My son does this, he's 15 months. If he won't calm down by looking at a toy than I usually sit on my knees and put his legs between mine so he can't kick me. It makes for a much faster diaper change.


----------



## skueppers (Mar 30, 2005)

My daughter went through this, to varying degrees, from the time she learned to roll over (3 months) until she stopped wearing diapers (2 1/2 years). My son, now 10 months, is the same.

There were times when I just had to hold her down to change her diaper. Not ideal, but this is one of those non-negotiable things for me, like buckling up in the car seat. You can try to make it as much fun as possible, but in the end, it just needs to get done.


----------



## ruhbehka (Nov 5, 2006)

I try to tell DS (15 mos) that we're going to change his diaper, instead of just doing it. I also am willing to do it standing or laying, but standing doesn't work yet because he just runs away.









So, I sort of have a bit-by-bit escalating technique.

1. Sing a song about changing his diaper.
2. Tickle his tummy, kiss his feet, make him giggle if possible.
3. Exclaim about all the things I'm "finding" in his diaper ("A carrot!") and be very playful.
4. If necessary, throw a leg across his chest and pin him down, and work fast (because he really dislikes it!).

I try to avoid #4, because it really upsets him, but if he is just unable to cope with the diaper change and is really bucking/kicking/screaming, no matter how much I try to distract him... well, unfortunately, we do what we have to do to get him changed.







:

(I probably only have to pin him down once or twice a month. And I hate it, but I draw the line at having a naked poopy-bum running through the house.)


----------



## Abarat (Jan 22, 2007)

My DS will be 2 in a couple weeks and does this. It's a relatively new thing for him, say the past month or so. I agree that it's just more fun to be up and playing than getting a tush changed....plus I think it being colder doesn't help things...who wants a naked exposed wet tush when it's cool in the room?

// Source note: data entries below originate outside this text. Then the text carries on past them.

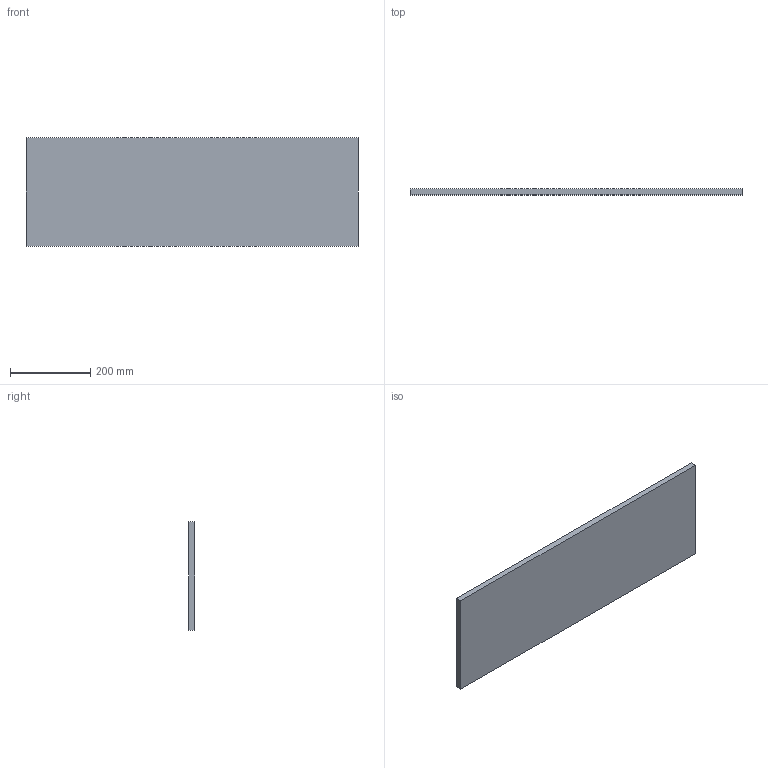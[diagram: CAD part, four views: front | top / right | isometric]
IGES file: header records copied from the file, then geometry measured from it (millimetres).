
Global section: file name: superior 1.igs; native system: NX V2312; preprocessor: SIEMENS PLM Software NX2312.5001; date: 20240809.190849; units: millimetre
Bounding box: 830 x 15 x 270.65 mm (x, y, z)
Surface area: 482292.1 mm2 (no closed solid volume)
Topology: 0 solids, 0 shells, 6 faces, 24 edges, 24 vertices
Faces by surface type: bspline 6

I do like the other moms, try to make it fun, wait 'till he's seems like he won't pitch a fit, etc. but it needs to be done and if needs be I'll try to hold him down and work fast.
One thing I started doing recently is taking him into the living room so he's in 'the action' to change his tush. That way he can see what everyone else is doing and doesn't feel left out.
Also, we have wall hangings in his room and he loves to talk about what's on them, so I'll quiz him on what he sees to distract him, or quiz him on body parts, animal noises or I'll sing goofy versions of Old MacDonald because he loves the animal noises.

We do what we have to do, and I have to say, being a mom is the most creative job anyone could ever have! LOL


----------



## daisy0306 (Nov 4, 2007)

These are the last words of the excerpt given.